# Maxwell the Pyr



## ImWithThePyr (Apr 8, 2009)

I haz a chicken wing:


















My fave toy:


----------



## ChattyCathy (Nov 22, 2008)

What a beautiful animal!!!!


----------



## whiteleo (Sep 7, 2008)

What a big love! Wish I knew how to post pictures...............


----------



## RawFedDogs (Jun 16, 2008)

whiteleo said:


> What a big love! Wish I knew how to post pictures...............


Put them on a web page somewhere then put a link to indiviual pictures in your post.
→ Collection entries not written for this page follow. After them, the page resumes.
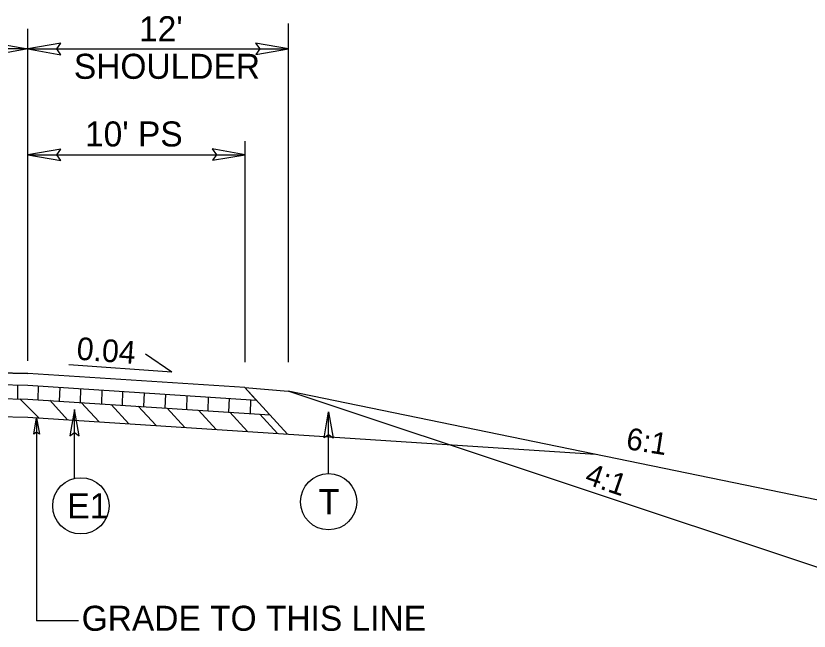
# Model space of a CAD drawing. Extents: x 2176024 to 2177225, y 75947 to 76635.
# Drawn here: x 2176341.28 to 2176377.8, y 76555.13 to 76583.47 of the extents above; entities that cross this region are included whole.
import ezdxf

# ---------------------------------------------------------------- set-up
doc = ezdxf.new("R2010")
doc.units = 0
for name, color, linetype in [('Old_Level_1', 7, 'Continuous'), ('Old_Level_11', 7, 'Continuous'), ('Prop Dimension', 7, 'Continuous'), ('Typical Pavement Slope CELL', 7, 'Continuous'), ('Typical Pavement Slope Information CELL', 7, 'Continuous'), ('Typical Shoulder Slope CELL', 7, 'Continuous'), ('Typical Slope Point Local CELL', 7, 'Continuous'), ('Typical Terminator CELL', 7, 'Continuous'), ('Typical Text General CELL', 7, 'Continuous')]:
    doc.layers.add(name, color=color, linetype=linetype)

msp = doc.modelspace()

# ---------------------------------------------------------------- linework, layer by layer
at = {"layer": 'Old_Level_1'}
for p, q in [((2176341.375, 76565.826), (2176341.37, 76566.466)), ((2176342.311, 76565.787), (2176342.334, 76566.43)), ((2176343.298, 76565.719), (2176343.321, 76566.365)), ((2176344.253, 76565.662), (2176344.276, 76566.302)), ((2176345.24, 76565.59), (2176345.264, 76566.237)), ((2176346.19, 76565.529), (2176346.213, 76566.175)), ((2176347.177, 76565.472), (2176347.2, 76566.11)), ((2176348.163, 76565.399), (2176348.186, 76566.046)), ((2176349.15, 76565.338), (2176349.173, 76565.981)), ((2176350.137, 76565.27), (2176350.16, 76565.916)), ((2176342.342, 76564.953), (2176341.467, 76565.827)), ((2176343.667, 76564.863), (2176342.848, 76565.759)), ((2176345.112, 76564.765), (2176344.294, 76565.659)), ((2176346.486, 76564.68), (2176345.678, 76565.563)), ((2176351.092, 76565.213), (2176351.116, 76565.853)), ((2176352.079, 76565.141), (2176352.103, 76565.789)), ((2176347.742, 76564.592), (2176346.915, 76565.482)), ((2176349.064, 76564.511), (2176348.255, 76565.396)), ((2176350.507, 76564.414), (2176349.688, 76565.31)), ((2176351.951, 76564.316), (2176351.133, 76565.21)), ((2176353.325, 76564.231), (2176352.518, 76565.114))]:
    msp.add_line(p, q, dxfattribs=at)
at = {"layer": 'Old_Level_11'}
for p, q in [((2176343.987, 76562.196), (2176343.987, 76565.329)), ((2176355.683, 76562.383), (2176355.683, 76565.225))]:
    msp.add_line(p, q, dxfattribs=at)
for points in [[(2176344.194, 76564.129), (2176343.987, 76565.329), (2176343.774, 76564.122), (2176343.987, 76564.275)], [(2176355.477, 76564.025), (2176355.683, 76565.225), (2176355.897, 76564.018), (2176355.683, 76564.172)]]:
    msp.add_lwpolyline(points, close=True, dxfattribs=at)
for centre in [(2176355.683, 76561.087), (2176344.278, 76560.9)]:
    msp.add_circle(centre, 1.296, dxfattribs=at)
at = {"layer": 'Prop Dimension'}
for p, q in [((2176353.841, 76567.523), (2176353.841, 76583.109)), ((2176341.841, 76567.585), (2176341.841, 76582.873)), ((2176341.841, 76581.946), (2176329.841, 76581.946)), ((2176341.841, 76581.946), (2176353.841, 76581.946)), ((2176351.841, 76567.523), (2176351.841, 76577.691)), ((2176341.841, 76577.073), (2176351.841, 76577.073)), ((2176342.24, 76564.959), (2176342.24, 76555.604)), ((2176344.174, 76555.604), (2176342.24, 76555.604))]:
    msp.add_line(p, q, dxfattribs=at)
at = {"layer": 'Typical Pavement Slope CELL'}
for p, q in [((2176351.822, 76566.345), (2176341.841, 76567)), ((2176329.841, 76566.712), (2176341.841, 76566.462)), ((2176341.841, 76566.462), (2176352.348, 76565.772)), ((2176351.822, 76566.345), (2176353.793, 76564.201)), ((2176329.841, 76566.068), (2176341.841, 76565.818)), ((2176380.829, 76560.623), (2176353.822, 76566.185)), ((2176341.841, 76565.818), (2176352.978, 76565.087)), ((2176341.841, 76564.986), (2176367.973, 76563.271))]:
    msp.add_line(p, q, dxfattribs=at)
at = {"layer": 'Typical Pavement Slope Information CELL'}
for q in [(2176347.246, 76567.882), (2176343.723, 76567.386)]:
    msp.add_line((2176348.468, 76567.06), q, dxfattribs=at)
at = {"layer": 'Typical Shoulder Slope CELL'}
for p, q in [((2176351.822, 76566.345), (2176353.822, 76566.185)), ((2176380.829, 76557.183), (2176353.822, 76566.185)), ((2176329.841, 76565.236), (2176341.841, 76564.986))]:
    msp.add_line(p, q, dxfattribs=at)
at = {"layer": 'Typical Slope Point Local CELL'}
for p, q in [((2176329.841, 76567.25), (2176341.841, 76567)), ((2176341.841, 76567), (2176329.841, 76567.25)), ((2176351.822, 76566.345), (2176341.841, 76567)), ((2176329.841, 76566.712), (2176341.841, 76566.462)), ((2176341.841, 76566.462), (2176352.348, 76565.772)), ((2176352.348, 76565.772), (2176351.822, 76566.345))]:
    msp.add_line(p, q, dxfattribs=at)
at = {"layer": 'Typical Terminator CELL'}
for points in [[(2176340.331, 76582.206), (2176341.841, 76581.946), (2176340.323, 76581.677), (2176340.516, 76581.946)], [(2176343.35, 76582.206), (2176341.841, 76581.946), (2176343.359, 76581.677), (2176343.166, 76581.946)], [(2176352.331, 76581.686), (2176353.841, 76581.946), (2176352.323, 76582.214), (2176352.516, 76581.946)], [(2176343.35, 76577.333), (2176341.841, 76577.073), (2176343.359, 76576.805), (2176343.166, 76577.073)], [(2176350.331, 76576.814), (2176351.841, 76577.073), (2176350.323, 76577.342), (2176350.516, 76577.073)], [(2176342.11, 76564.205), (2176342.24, 76564.959), (2176342.374, 76564.2), (2176342.24, 76564.297)]]:
    msp.add_lwpolyline(points, close=True, dxfattribs=at)

# ---------------------------------------------------------------- texts
at = {"layer": 'Old_Level_11'}
for s, rotation, p in [('T', 359.9997, (2176355.226, 76560.507)), ('E1', 0.0003, (2176343.649, 76560.32))]:
    msp.add_text(s, height=1.16, rotation=rotation, dxfattribs=at).set_placement(p)
at = {"layer": 'Typical Pavement Slope Information CELL'}
msp.add_text('0.04', height=1.0429, rotation=355.7342, dxfattribs=at).set_placement((2176344.056, 76567.635))
at = {"layer": 'Typical Slope Point Local CELL'}
for s, rotation, p in [('6:1', 351.0418, (2176369.335, 76563.519)), ('4:1', 341.041, (2176367.419, 76561.938))]:
    msp.add_text(s, height=1.0064, rotation=rotation, dxfattribs=at).set_placement(p)
at = {"layer": 'Typical Text General CELL'}
for s, height, p in [("12' ", 1.1533, (2176346.956, 76582.296)), ('SHOULDER', 1.1533, (2176343.954, 76580.566)), ("10' PS", 1.1533, (2176344.468, 76577.45)), ('GRADE TO THIS LINE', 1.15334, (2176344.313, 76555.144))]:
    msp.add_text(s, height=height, dxfattribs=at).set_placement(p)

doc.saveas('drawing.dxf')

Press the "QUOTE" button on Maxwell's original post in this thread and you can see how it's done.


AND YES!!! Maxwell is a beautiful dog.


----------



## rannmiller (Jun 27, 2008)

I want to hug him and smoosh his face! (a loving smoosh, of course :smile


----------



## wags (Jan 31, 2009)

Now this is one huggable pup! So furry and loving! Just wanna give this pup a great big HUG!:wink:


----------



## Postal (Jan 23, 2009)

Wow that is a gorgeous pup! He looks so soft! hehe


----------



## ImWithThePyr (Apr 8, 2009)

Big thank you to all of you!! :biggrin:


----------



## Guest (Apr 24, 2009)

This is an awesome breed. They are gentle giants. Wonderful with children, protective of family, a bit wary of strangers, good watchdogs. My aunt & uncle had a dairy farm in New Hampshire, they had 4 of these dogs on their property. 

In addition, I once fostered a male 5 month old yellow lab / great pyr mix and he was 55 pounds already at that age. He had the fluffiest white coat and most awesome personality.

I just love this breed.


----------



## Lovemymunchkins (Feb 3, 2009)

Gorgeous! I love that breed, if I am ever in a situation where I can have a large dog, that is the kind I want to get!


----------